# 3D Film Empfehlung



## TankCommander (4. Mai 2015)

3D Film Empfehlungen und Diskussionen 

Egal ob Zuhause oder im Kino gesehen! 

Gruß Tank


----------



## Turbo1993 (4. Mai 2015)

Den besten Film, den ich bis jetzt in 3D gesehen habe, ist Avatar. Hab noch keinen Film gesehen, der besser 3D-Effekte nutzt.


----------



## ColorMe (4. Mai 2015)

Avatar, Interstellar, Hobbit-Reihe oder das gute Piranha 3D.


----------



## jamie (4. Mai 2015)

Nein, nein, nein. Am Besten war eindeutig die Haribo-Werbung!


----------



## MOD6699 (4. Mai 2015)

Avengers, Guardians of the Galaxy fand ich ganz gut von der 3D Umsetzung


----------



## ich558 (4. Mai 2015)

Avatar und Avengers
Da Fullscreen ohne schwarze Balken


----------



## runamoK (4. Mai 2015)

Pacific Rim ist auch sehr gut gemacht.


----------



## drstoecker (4. Mai 2015)

Transformers 4, Titanic...  und hoffentlich bald Star wars.


----------



## humbz (4. Mai 2015)

AmazingSpiderman2 fand ich auch nett. MMn wurde der Film an sich sowieso vollkommen zu Unrecht niedergeschrieben.


----------



## Ryle (4. Mai 2015)

> und hoffentlich bald Star wars.


Hoffentlich nicht! Während man IMAX (nativ gerdeht) noch halbwegs ertragen kann sind alle anderen 3D Effekte, speziell die Aftereffects, einfach furchtbar und lenken nur vom Film ab. Gerade Star Wars schau ich da lieber in 2D. Der ganze 3D Quatsch ist doch auch nur um mehr Geld verlangen zu können. Einen Mehrwert hatte das imho noch nie.


----------



## clown44 (4. Mai 2015)

Den einzigsten Film in 3D, den ich bislang gesehen habe, war Tron - Legacy.
Den hatte ich mir allerdings im Kino angesehen.


----------



## TankCommander (4. Mai 2015)

clown44 schrieb:


> Den einzigsten Film in 3D, den ich bislang gesehen habe, war Tron - Legacy.
> Den hatte ich mir allerdings im Kino angesehen.

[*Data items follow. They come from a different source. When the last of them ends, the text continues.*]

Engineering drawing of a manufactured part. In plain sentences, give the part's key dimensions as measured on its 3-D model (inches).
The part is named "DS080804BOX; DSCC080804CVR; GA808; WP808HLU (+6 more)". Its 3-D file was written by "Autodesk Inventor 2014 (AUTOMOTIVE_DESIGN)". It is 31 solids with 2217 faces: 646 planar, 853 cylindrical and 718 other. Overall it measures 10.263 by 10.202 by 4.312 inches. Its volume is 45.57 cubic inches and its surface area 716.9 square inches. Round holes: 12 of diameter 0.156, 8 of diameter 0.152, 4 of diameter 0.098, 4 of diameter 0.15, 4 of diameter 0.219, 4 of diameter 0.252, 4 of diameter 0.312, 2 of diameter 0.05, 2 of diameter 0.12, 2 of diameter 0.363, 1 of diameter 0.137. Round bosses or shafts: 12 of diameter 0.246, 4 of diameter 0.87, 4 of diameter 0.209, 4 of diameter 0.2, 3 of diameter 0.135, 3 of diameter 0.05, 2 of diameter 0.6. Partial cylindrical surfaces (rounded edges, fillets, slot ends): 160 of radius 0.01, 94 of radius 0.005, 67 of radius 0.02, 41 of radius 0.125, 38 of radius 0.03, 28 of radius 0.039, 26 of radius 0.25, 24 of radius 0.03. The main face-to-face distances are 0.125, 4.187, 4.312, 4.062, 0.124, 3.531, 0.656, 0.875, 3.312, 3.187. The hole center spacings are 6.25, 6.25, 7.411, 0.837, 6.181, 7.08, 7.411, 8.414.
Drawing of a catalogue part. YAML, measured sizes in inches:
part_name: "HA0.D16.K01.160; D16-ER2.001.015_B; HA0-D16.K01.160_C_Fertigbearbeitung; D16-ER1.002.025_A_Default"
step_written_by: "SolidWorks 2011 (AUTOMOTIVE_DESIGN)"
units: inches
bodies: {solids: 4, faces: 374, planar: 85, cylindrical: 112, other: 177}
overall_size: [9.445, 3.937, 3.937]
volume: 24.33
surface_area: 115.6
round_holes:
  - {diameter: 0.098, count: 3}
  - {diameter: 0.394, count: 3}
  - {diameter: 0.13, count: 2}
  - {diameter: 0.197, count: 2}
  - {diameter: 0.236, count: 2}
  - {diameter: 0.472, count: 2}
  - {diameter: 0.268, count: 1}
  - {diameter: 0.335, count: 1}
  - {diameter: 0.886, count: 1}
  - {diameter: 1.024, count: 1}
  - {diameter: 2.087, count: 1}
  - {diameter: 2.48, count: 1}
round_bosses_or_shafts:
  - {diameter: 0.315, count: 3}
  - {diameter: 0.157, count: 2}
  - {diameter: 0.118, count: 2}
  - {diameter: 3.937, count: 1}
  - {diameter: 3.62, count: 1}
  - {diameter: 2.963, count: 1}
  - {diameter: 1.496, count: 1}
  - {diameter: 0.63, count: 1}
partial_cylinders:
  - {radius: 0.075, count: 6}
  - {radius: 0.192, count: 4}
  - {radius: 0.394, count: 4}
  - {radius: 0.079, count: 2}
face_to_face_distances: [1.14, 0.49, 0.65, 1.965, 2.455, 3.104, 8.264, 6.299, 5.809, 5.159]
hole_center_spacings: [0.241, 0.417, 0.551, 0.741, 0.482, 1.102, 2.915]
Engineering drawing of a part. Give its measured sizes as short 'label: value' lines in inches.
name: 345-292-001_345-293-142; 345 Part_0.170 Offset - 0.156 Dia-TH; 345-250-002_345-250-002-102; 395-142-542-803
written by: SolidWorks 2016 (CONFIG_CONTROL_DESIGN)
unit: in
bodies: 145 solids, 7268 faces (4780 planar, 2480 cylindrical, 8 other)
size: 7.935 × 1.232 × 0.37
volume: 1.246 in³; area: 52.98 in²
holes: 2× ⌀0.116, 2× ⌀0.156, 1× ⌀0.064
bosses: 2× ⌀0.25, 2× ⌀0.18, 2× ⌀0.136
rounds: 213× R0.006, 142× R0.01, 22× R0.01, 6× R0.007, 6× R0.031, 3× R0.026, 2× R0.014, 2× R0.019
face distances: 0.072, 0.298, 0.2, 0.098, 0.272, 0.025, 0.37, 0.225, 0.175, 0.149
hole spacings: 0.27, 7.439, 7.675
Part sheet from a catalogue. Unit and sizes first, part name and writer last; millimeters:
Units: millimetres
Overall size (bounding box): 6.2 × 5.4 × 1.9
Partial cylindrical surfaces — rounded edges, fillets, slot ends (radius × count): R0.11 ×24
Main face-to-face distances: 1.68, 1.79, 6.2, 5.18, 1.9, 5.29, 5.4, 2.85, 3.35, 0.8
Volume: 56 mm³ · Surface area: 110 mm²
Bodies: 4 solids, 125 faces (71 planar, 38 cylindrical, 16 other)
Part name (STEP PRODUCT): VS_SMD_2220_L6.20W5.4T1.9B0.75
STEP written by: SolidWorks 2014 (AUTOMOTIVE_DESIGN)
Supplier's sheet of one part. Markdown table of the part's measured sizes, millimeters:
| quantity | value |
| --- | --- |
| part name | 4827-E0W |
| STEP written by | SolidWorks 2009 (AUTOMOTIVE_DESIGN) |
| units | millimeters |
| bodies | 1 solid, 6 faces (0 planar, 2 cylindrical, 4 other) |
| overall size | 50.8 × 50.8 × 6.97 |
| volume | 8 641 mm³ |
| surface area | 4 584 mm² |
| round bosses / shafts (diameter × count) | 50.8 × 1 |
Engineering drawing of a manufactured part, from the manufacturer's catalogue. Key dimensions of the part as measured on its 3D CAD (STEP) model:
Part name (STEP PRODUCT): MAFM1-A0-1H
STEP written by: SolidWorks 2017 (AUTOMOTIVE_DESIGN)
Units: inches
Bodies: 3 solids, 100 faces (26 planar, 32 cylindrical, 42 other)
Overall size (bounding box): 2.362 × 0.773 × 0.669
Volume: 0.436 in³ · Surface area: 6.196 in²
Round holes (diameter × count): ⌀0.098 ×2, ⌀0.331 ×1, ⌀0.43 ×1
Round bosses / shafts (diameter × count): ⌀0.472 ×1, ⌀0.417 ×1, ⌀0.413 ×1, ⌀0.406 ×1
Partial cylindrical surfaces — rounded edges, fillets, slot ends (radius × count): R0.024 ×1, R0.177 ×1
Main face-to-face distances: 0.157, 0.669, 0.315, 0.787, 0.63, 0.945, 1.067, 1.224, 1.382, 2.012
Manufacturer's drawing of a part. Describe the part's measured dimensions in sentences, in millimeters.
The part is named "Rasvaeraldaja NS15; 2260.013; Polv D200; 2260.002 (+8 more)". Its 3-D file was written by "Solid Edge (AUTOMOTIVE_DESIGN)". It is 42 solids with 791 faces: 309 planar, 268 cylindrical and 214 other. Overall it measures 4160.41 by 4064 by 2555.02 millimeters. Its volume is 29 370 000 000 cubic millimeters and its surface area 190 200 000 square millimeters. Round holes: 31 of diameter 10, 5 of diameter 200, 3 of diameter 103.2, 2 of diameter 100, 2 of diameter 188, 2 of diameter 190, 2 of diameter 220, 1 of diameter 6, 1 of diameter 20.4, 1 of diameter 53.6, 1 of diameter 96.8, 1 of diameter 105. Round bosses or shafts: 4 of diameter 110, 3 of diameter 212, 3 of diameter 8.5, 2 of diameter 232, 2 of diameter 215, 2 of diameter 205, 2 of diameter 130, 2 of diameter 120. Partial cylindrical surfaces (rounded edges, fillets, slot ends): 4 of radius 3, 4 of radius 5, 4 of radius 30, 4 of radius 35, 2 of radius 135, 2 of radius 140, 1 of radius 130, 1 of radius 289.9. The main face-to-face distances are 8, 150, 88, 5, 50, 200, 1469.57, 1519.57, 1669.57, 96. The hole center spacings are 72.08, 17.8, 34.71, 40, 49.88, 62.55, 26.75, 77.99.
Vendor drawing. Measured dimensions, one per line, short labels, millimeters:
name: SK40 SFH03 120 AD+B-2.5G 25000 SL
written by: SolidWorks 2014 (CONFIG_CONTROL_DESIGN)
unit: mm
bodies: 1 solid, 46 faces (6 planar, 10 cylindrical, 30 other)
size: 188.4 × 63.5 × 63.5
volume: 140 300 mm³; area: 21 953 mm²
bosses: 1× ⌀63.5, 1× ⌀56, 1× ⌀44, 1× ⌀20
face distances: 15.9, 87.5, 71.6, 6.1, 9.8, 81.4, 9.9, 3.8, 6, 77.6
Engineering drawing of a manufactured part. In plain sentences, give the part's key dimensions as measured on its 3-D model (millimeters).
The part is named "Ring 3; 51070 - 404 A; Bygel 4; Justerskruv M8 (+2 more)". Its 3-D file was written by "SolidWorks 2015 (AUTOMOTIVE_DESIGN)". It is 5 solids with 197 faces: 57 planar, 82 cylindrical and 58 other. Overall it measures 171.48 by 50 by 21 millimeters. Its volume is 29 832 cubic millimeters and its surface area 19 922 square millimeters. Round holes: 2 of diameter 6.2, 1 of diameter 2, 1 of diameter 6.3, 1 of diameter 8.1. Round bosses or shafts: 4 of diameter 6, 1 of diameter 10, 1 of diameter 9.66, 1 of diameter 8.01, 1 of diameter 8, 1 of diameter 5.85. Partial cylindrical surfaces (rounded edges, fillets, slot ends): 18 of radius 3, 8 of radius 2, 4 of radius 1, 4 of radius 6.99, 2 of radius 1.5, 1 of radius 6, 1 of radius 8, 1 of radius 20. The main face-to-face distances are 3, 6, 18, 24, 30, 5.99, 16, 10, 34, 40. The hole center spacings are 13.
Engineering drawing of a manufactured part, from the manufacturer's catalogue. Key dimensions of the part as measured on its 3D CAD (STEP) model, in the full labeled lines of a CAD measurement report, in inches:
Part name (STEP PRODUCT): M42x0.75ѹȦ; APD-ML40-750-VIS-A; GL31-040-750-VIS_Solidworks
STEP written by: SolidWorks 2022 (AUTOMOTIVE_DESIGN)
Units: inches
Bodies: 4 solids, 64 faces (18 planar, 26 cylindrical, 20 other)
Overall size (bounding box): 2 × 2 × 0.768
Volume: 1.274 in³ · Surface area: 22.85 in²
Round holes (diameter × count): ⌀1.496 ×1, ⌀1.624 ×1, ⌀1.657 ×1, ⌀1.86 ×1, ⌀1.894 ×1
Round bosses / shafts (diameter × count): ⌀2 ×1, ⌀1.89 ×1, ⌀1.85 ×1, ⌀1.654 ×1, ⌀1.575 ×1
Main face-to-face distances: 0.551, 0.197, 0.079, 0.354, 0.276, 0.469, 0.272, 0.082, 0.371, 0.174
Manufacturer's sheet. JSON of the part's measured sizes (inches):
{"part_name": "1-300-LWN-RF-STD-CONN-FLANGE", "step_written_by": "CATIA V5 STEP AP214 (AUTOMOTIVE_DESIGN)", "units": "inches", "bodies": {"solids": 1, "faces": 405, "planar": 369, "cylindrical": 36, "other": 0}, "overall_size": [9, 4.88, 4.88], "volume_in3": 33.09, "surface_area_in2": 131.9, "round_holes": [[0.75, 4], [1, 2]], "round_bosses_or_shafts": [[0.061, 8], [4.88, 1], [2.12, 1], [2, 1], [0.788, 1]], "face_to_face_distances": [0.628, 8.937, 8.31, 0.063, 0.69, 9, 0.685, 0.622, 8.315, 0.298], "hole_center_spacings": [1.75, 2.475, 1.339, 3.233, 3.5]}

Tron und Tron Legacy gehören zu meinen Lieblingsfilmen. 

Ich denke ich werde mir "Die Schlacht der fünf Heere" in 3D ansehen. 

Vielen Dank für das Feedback...


----------



## MATRIX KILLER (4. Mai 2015)

Life of Pi - Schiffbruch mit Tiger


----------



## tomsnrossi (4. Mai 2015)

Ich finde bei Animationsfilmen da 3d am besten daher vielleicht Ich einfach Unverbesserlich 1 und 2 oder halt Avatar.


----------



## Leob12 (4. Mai 2015)

Life of Pi war einer der letzten Filme die ich in 3D im Kino gesehen habe. Hat schon was hergemacht


----------



## humbz (5. Mai 2015)

Ryle schrieb:


> Hoffentlich nicht! Während man IMAX (nativ gerdeht) noch halbwegs ertragen kann sind alle anderen 3D Effekte, speziell die Aftereffects, einfach furchtbar und lenken nur vom Film ab. Gerade Star Wars schau ich da lieber in 2D. Der ganze 3D Quatsch ist doch auch nur um mehr Geld verlangen zu können. Einen Mehrwert hatte das imho noch nie.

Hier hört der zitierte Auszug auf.